Es gibt 6 Antworten in diesem Thema, welches 275 mal aufgerufen wurde. Der letzte Beitrag (6. April 2024 um 19:36) ist von KaMaMa.

  • Hallo zusammen,

    dieser Tage bin ich wieder zu meinen Flechten gepilgert.


    Diese hier habe ich dabei auch gesehen. Und wüßte gerne, wie sie heißen.


    Sie hat so Lappen ( wie genau heißt das?) und da kommen dann so dünne Stängel raus. Verzeiht mir fehlen die genauen Bezeichnungen der einzelnen Flechtenteile.

    Hier sieht man nur diese Lappen. Ist das die selbe?

    Sie wohnen beide an Baumstümpfen mit vorwiegend Nadelwald. Sind oft zusammen mit Moosen.

    Auf was genau muß ich achten, wenn ich wissen will welche Flechte das ist?

    Ich bin leider der absolute Neuling in dieser so zauberhaften Welt.

    Liebe Grüße

    Murmelchen

    Von mir gibts hier im Forum auch keine Verzehrfreigabe.

  • Hallo Murmel,

    wenn man Cladonien bestimmen möchte, achtet man als erstes darauf, ob Podetien (Säulen und /oder Becher) - so heißen die aufragenden Teile der Flechte - ausgebildet sind, ferner auf Fruchtkörper. Sollten die Fruchtkörper rot sein, so wird die Bestimmung wird leichter, da es nicht sehr viele rotfüchtige Arten gibt. Meist sind die Fruchtkörper aber braun oder mit bloßem Auge nicht erkennbar. Bei der gezeigten Flechte kann ich leider keine Fruchtkörper entdecken - zumindest keine roten.
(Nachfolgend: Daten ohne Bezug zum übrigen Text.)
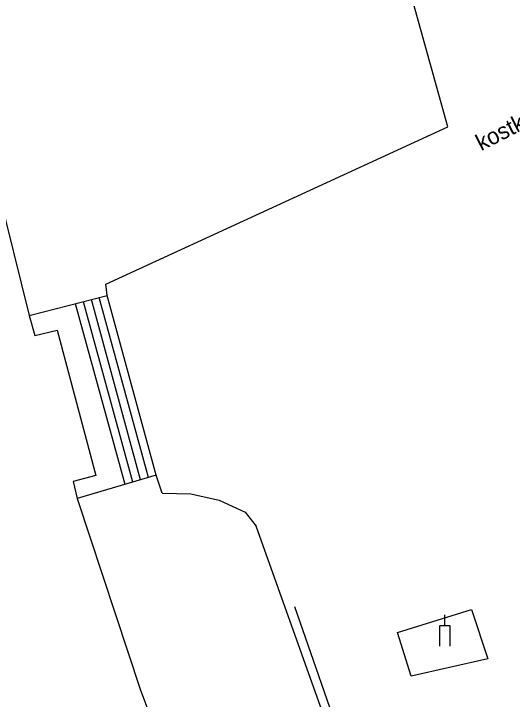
# Model space of a CAD drawing. Extents: x -599098 to -598820, y -1159597 to -1158744.
# Drawn here: x -598959.72 to -598935.31, y -1159287.35 to -1159253.78 of the extents above; entities that cross this region are included whole.
import ezdxf

# ---------------------------------------------------------------- set-up
doc = ezdxf.new("R2010")
doc.units = 0
for name, color, linetype in [('budovy', 7, 'Continuous'), ('kresba', 7, 'Continuous'), ('popisy', 7, 'Continuous'), ('značky IS', 7, 'Continuous')]:
    doc.layers.add(name, color=color, linetype=linetype)

msp = doc.modelspace()

# ---------------------------------------------------------------- linework, layer by layer
at = {"layer": 'budovy'}
for p, q in [((-598961.15, -1159259.76), (-598958.96, -1159268.56)), ((-598958.96, -1159268.56), (-598958.68, -1159269.53)), ((-598958.68, -1159269.53), (-598957.6, -1159269.28)), ((-598957.6, -1159269.28), (-598955.7, -1159276.39)), ((-598955.7, -1159276.39), (-598956.81, -1159276.69)), ((-598956.81, -1159276.69), (-598956.62, -1159277.52)), ((-598956.62, -1159277.52), (-598953.51, -1159286.9)), ((-598953.51, -1159286.9), (-598950.24, -1159295.6))]:
    msp.add_line(p, q, dxfattribs=at)
at = {"layer": 'kresba'}
for p, q in [((-598938.47, -1159259.32), (-598942.8, -1159243.67)), ((-598955.21, -1159267.02), (-598938.47, -1159259.32)), ((-598955.14, -1159267.58), (-598955.21, -1159267.02)), ((-598958.96, -1159268.56), (-598955.14, -1159267.58)), ((-598952.74, -1159276.38), (-598955.14, -1159267.58)), ((-598954.27, -1159276.83), (-598956.7, -1159267.98)), ((-598953.89, -1159276.72), (-598956.3, -1159267.88)), ((-598953.51, -1159276.61), (-598955.91, -1159267.78)), ((-598953.12, -1159276.49), (-598955.53, -1159267.68)), ((-598952.74, -1159276.38), (-598956.62, -1159277.52)), ((-598952.45, -1159277.26), (-598952.74, -1159276.38)), ((-598943.81, -1159290.18), (-598947.84, -1159278.87)), ((-598940.93, -1159284.08), (-598937.31, -1159282.95)), ((-598937.31, -1159282.95), (-598936.51, -1159285.36)), ((-598940.26, -1159286.22), (-598940.93, -1159284.08)), ((-598936.51, -1159285.36), (-598940.26, -1159286.22))]:
    msp.add_line(p, q, dxfattribs=at)
for points in [[(-598952.45, -1159277.26), (-598951.04, -1159277.28), (-598949.66, -1159277.6), (-598948.39, -1159278.19), (-598947.84, -1159278.87)], [(-598925.282, -1159290.426), (-598929.51, -1159290.49), (-598941.79, -1159290.95), (-598942.48, -1159290.86), (-598943.05, -1159290.51), (-598943.45, -1159290), (-598945.95, -1159282.82)]]:
    msp.add_lwpolyline(points, dxfattribs=at)
at = {"layer": 'značky IS'}
msp.add_line((-598938.61, -1159283.74), (-598938.61, -1159283.21), dxfattribs=at)
msp.add_lwpolyline([(-598938.86, -1159284.74), (-598938.86, -1159283.74), (-598938.36, -1159283.74), (-598938.36, -1159284.74)], dxfattribs=at)

# ---------------------------------------------------------------- texts
at = {"layer": 'popisy'}
msp.add_text('kostky', height=0.8, rotation=27.0511, dxfattribs=at).set_placement((-598936.833, -1159260.512))

doc.saveas('drawing.dxf')
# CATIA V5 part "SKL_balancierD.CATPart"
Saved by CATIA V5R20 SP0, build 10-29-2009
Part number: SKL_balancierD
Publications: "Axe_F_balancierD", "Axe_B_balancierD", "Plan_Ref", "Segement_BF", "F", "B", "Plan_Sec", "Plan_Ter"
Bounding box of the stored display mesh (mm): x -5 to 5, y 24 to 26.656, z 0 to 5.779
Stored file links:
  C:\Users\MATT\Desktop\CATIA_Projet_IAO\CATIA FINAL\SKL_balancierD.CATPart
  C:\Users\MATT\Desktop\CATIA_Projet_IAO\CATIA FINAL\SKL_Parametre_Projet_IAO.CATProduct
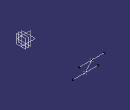
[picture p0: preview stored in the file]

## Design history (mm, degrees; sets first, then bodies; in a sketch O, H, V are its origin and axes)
External parameters (linked from other documents)
  External.AC = 3 mm
Set1
  Point1 "B": type OnCurve, Support Sketch1, RefPoint {extremum Reference Sketch1, Direction (1, 2, 3)}, Length 1
  Point2 "F": (0, 0, 0), relative to Point3
  Line1 "Segement_BF": type PtPt, FirstPoint Point1, SecondPoint Point2
  Plane1 "Plan_Ref": type Offset, RefPlane Plane4, Offset 0
  Line2 "Axe_B_balancierD": type Normal, RefPoint Point1, RefSkin Plane1, Start -5, End 5
  Line3 "Axe_F_balancierD": type Normal, RefPoint Point2, RefSkin Plane1, Start -5, End 5
  Sketch1 on Plane1, origin (0, 0, 0), H (0, 1, 0), V (0, 0, 1)
    circle A1 centre (24, 0) radius 6.36
    point P1 (24, 0)
    reference projected point E1 (24, 0) from Point2
    radius A1 = 6.36 {= 2.12*External.AC}
    coincidence: P1 E1
  Plane2 "Plan_Sec": type Offset, RefPlane Plane5, Offset 0
  Plane3 "Plan_Ter": type Offset, RefPlane Plane6, Offset 0
Set2
  Point3 "F": linked copy from another document
  Plane4 "Plan_Ref": linked copy from another document
  Plane5 "Plan_Sec": linked copy from another document
  Plane6 "Plan_Ter": linked copy from another document
Body1 (main body)

    Sehr wichtig ist natürlich, auf welchem Substrat und in welchem Habitat man die Flechte gefunden hat - nicht jede Cladonie wächst überall, sie haben klare Präferenzen.

    Die Grundfarbe der Cladonien ist meist (grau)grün, kann aber auch deutlich gelblich sein, bereichsweise braun sein oder auch weißlich, wenn das Mark freiliegt. Deine Flechte ist ohne gelbe oder braune Töne.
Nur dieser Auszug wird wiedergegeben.